▸ Work task: Exclude the pictures, then copy word for word the lines running from the beginning of the records through the line with "from ezdxf.enums import".

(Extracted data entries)
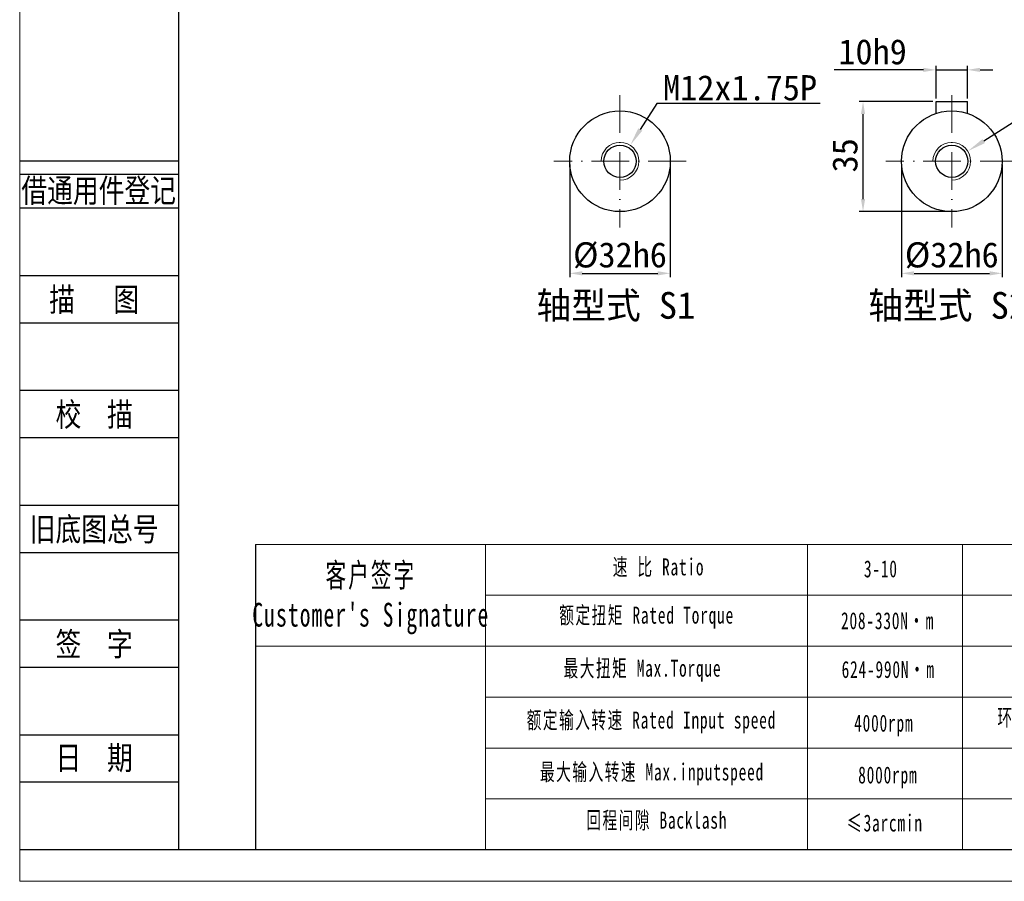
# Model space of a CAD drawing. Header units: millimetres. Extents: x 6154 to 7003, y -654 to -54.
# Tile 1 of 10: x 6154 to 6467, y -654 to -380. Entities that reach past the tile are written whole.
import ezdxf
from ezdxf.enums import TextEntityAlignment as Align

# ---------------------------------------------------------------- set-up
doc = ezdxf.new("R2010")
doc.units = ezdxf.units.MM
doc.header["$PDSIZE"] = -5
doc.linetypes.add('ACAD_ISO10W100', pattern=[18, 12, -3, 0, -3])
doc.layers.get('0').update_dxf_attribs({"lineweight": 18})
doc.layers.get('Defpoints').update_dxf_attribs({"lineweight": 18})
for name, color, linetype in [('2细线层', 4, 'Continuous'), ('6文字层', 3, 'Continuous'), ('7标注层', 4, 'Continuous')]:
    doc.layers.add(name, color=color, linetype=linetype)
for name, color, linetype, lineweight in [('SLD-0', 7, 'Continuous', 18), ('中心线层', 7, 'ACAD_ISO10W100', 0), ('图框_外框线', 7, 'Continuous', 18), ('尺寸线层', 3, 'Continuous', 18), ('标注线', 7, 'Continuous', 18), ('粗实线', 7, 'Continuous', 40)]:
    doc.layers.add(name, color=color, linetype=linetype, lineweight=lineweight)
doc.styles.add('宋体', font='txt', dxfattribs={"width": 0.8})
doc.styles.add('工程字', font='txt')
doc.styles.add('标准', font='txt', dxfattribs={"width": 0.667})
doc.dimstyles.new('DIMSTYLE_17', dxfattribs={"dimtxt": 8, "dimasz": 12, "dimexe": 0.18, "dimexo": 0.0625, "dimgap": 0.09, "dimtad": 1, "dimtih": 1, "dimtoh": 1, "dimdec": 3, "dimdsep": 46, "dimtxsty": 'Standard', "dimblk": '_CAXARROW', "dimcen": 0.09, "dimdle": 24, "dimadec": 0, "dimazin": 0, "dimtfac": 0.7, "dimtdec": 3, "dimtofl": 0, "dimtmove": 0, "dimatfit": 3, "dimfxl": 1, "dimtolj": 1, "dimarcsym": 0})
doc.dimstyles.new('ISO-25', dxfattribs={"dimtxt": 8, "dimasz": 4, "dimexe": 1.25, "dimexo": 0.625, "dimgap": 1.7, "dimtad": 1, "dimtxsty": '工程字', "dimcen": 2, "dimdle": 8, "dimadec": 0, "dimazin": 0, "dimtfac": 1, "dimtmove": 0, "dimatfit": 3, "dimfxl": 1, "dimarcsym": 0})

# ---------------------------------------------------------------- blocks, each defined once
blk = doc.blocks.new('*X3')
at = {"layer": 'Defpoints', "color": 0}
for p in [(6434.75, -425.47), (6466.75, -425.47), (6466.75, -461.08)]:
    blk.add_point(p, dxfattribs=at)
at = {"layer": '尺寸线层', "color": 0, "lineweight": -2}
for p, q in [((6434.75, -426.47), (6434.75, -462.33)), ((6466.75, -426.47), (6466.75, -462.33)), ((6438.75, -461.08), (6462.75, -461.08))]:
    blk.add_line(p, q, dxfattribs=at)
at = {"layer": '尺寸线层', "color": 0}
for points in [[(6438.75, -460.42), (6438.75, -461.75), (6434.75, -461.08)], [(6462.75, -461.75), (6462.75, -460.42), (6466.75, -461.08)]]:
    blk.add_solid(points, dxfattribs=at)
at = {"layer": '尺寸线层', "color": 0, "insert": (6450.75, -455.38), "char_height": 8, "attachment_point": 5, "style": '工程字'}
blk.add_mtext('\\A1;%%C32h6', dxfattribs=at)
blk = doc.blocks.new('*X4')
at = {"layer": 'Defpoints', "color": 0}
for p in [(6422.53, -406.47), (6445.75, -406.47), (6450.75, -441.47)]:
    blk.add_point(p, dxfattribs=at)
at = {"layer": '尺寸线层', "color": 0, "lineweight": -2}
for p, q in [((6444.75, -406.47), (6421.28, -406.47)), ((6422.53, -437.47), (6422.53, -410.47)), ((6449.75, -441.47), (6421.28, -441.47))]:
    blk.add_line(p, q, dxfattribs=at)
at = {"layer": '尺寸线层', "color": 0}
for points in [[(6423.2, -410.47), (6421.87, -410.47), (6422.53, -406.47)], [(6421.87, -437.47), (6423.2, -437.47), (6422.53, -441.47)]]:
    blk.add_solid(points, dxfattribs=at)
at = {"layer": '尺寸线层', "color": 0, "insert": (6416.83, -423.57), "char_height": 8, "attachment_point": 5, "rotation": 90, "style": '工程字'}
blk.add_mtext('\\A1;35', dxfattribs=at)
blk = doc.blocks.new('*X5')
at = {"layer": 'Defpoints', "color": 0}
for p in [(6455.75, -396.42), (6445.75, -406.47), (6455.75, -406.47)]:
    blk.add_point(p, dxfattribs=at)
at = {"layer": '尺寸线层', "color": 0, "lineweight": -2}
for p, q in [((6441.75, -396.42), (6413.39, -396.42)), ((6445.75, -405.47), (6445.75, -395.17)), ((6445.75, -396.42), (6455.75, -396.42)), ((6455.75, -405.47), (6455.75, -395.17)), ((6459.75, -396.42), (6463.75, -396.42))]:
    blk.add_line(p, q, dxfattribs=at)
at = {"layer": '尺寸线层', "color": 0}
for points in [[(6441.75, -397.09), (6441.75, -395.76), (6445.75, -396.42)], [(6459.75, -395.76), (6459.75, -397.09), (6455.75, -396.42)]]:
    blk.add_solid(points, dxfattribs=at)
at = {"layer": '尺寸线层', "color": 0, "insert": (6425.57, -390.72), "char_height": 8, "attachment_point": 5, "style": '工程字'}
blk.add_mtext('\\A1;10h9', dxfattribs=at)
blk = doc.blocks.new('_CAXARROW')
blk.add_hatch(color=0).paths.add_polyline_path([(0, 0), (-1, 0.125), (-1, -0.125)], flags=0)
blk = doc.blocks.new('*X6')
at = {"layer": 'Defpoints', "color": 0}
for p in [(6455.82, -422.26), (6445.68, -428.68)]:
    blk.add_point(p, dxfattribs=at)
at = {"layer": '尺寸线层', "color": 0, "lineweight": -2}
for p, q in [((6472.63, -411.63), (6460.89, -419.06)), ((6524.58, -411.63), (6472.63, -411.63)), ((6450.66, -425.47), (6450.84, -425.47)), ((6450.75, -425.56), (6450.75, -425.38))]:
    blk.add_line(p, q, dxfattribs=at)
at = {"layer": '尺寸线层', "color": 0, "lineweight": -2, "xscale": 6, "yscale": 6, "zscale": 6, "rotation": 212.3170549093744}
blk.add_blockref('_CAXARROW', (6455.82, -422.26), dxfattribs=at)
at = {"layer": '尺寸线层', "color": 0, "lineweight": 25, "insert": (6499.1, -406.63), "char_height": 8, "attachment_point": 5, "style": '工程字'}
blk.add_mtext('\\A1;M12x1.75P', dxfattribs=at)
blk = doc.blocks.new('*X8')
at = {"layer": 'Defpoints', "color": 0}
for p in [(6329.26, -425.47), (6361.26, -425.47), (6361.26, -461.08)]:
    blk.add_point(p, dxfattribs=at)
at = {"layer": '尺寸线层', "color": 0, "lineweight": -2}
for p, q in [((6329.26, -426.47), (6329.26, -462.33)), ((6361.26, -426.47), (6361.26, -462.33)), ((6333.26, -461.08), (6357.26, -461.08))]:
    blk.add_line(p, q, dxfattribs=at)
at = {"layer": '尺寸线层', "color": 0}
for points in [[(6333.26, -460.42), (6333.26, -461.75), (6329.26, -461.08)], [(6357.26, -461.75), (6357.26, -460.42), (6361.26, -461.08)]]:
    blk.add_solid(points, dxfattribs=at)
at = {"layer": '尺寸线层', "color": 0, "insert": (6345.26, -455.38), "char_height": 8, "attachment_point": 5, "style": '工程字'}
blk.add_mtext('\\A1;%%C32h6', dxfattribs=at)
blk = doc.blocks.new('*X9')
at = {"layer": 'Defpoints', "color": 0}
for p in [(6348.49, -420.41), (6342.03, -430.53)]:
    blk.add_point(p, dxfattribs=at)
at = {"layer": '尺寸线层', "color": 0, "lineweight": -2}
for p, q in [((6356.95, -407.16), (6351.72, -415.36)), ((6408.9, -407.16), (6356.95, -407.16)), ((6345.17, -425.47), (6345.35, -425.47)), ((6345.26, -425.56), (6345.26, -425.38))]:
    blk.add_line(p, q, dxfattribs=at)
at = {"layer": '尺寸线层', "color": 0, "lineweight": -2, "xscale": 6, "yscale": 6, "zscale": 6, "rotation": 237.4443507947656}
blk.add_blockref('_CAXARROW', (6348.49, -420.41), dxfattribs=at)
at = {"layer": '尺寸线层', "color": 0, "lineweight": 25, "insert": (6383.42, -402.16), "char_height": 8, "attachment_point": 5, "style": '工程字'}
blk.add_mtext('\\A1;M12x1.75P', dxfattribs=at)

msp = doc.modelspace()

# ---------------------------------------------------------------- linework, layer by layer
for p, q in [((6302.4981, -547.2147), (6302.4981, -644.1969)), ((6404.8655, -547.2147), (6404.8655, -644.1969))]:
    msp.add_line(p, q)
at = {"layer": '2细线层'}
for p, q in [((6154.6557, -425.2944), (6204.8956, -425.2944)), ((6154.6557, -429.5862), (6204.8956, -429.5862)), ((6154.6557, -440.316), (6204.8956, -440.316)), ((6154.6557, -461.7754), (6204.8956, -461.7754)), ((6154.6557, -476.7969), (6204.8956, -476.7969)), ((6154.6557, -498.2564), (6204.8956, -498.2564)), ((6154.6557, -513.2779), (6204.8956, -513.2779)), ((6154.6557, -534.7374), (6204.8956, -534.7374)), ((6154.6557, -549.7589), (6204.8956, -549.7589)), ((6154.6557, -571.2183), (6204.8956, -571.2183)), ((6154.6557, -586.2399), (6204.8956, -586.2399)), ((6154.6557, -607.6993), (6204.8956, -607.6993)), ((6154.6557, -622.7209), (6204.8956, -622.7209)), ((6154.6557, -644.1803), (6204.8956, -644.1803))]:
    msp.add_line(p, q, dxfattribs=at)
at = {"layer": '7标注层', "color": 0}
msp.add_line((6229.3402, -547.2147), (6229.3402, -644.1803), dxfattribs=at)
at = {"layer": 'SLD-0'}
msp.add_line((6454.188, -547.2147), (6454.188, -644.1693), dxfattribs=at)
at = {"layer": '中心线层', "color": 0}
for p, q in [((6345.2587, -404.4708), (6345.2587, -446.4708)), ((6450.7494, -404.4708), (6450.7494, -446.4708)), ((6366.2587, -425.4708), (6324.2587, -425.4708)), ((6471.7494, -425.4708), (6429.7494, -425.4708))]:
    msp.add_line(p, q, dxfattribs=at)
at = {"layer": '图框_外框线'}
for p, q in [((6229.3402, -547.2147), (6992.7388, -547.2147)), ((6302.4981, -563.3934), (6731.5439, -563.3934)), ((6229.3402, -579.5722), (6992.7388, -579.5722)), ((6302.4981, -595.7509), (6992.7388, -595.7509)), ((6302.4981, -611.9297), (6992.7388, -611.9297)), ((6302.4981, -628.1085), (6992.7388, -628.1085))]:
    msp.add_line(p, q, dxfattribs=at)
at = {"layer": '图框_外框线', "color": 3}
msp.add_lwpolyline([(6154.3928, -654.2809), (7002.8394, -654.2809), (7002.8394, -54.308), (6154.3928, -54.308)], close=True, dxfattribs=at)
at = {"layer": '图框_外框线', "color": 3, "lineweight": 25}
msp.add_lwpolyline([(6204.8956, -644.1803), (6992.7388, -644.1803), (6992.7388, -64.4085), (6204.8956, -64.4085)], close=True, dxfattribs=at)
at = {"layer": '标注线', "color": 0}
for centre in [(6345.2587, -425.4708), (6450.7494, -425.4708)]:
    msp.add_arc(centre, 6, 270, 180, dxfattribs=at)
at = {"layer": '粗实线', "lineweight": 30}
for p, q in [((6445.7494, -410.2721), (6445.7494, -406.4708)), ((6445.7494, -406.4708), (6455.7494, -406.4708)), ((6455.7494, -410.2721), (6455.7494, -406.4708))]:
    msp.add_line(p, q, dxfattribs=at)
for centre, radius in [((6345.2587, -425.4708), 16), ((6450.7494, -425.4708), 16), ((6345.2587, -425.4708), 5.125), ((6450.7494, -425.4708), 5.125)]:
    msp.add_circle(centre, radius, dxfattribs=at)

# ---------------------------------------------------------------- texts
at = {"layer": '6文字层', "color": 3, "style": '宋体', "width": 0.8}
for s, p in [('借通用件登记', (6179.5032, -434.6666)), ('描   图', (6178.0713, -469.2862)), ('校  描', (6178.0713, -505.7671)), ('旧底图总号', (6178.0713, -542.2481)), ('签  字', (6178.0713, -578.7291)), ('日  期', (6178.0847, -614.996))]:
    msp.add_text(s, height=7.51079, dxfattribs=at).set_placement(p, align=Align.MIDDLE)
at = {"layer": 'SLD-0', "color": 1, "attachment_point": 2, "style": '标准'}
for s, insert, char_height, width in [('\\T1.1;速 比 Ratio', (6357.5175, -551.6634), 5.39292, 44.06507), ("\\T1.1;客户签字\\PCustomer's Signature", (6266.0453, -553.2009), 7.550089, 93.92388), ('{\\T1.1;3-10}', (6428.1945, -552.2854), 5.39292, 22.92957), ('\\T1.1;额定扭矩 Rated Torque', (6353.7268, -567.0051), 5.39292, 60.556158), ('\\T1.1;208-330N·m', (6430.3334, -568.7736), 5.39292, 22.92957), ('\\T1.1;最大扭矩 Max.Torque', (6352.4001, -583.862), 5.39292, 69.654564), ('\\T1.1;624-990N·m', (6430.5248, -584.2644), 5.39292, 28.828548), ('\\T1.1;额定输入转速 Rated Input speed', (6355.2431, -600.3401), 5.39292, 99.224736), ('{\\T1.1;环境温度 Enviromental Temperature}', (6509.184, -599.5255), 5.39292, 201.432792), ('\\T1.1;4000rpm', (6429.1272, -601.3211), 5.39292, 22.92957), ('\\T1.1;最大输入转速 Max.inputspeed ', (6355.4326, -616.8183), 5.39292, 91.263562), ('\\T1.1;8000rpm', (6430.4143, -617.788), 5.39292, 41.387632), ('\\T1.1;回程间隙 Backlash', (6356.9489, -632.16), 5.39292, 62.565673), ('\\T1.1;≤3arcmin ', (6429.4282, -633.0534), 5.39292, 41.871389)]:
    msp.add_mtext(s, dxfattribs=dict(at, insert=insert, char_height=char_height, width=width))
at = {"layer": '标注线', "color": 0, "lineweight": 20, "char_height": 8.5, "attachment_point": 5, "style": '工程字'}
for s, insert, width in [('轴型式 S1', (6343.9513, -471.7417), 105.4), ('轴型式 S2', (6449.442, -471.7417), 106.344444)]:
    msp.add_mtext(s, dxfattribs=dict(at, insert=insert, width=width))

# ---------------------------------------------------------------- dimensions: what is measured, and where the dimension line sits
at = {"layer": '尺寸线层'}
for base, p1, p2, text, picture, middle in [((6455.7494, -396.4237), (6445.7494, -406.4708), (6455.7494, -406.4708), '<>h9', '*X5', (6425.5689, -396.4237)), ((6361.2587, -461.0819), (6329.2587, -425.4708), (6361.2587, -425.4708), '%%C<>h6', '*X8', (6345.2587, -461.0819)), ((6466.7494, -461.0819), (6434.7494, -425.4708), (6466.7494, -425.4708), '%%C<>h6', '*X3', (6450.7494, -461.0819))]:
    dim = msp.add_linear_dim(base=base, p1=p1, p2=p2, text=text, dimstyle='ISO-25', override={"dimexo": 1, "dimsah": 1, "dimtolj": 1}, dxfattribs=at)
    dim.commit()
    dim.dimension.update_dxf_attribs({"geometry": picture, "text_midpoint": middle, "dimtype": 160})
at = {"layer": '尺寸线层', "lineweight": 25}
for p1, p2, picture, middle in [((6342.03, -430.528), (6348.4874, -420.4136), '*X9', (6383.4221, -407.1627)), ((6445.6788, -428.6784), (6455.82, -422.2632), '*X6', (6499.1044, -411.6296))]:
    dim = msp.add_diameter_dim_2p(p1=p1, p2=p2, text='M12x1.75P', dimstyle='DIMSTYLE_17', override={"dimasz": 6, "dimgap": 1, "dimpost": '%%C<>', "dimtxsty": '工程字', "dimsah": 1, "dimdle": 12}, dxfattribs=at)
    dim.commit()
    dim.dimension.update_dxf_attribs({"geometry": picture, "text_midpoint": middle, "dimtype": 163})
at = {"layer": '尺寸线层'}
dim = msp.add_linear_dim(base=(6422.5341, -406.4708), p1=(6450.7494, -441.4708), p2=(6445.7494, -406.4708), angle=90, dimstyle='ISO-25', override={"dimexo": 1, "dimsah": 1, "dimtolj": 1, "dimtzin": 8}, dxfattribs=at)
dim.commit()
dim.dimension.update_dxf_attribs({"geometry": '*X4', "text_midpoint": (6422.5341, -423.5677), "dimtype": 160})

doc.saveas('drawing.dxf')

▸ Task result:
# Model space of a CAD drawing. Header units: millimetres. Extents: x 6154 to 7003, y -654 to -54.
# Tile 1 of 10: x 6154 to 6467, y -654 to -380. Entities that reach past the tile are written whole.
import ezdxf
from ezdxf.enums import TextEntityAlignment as Align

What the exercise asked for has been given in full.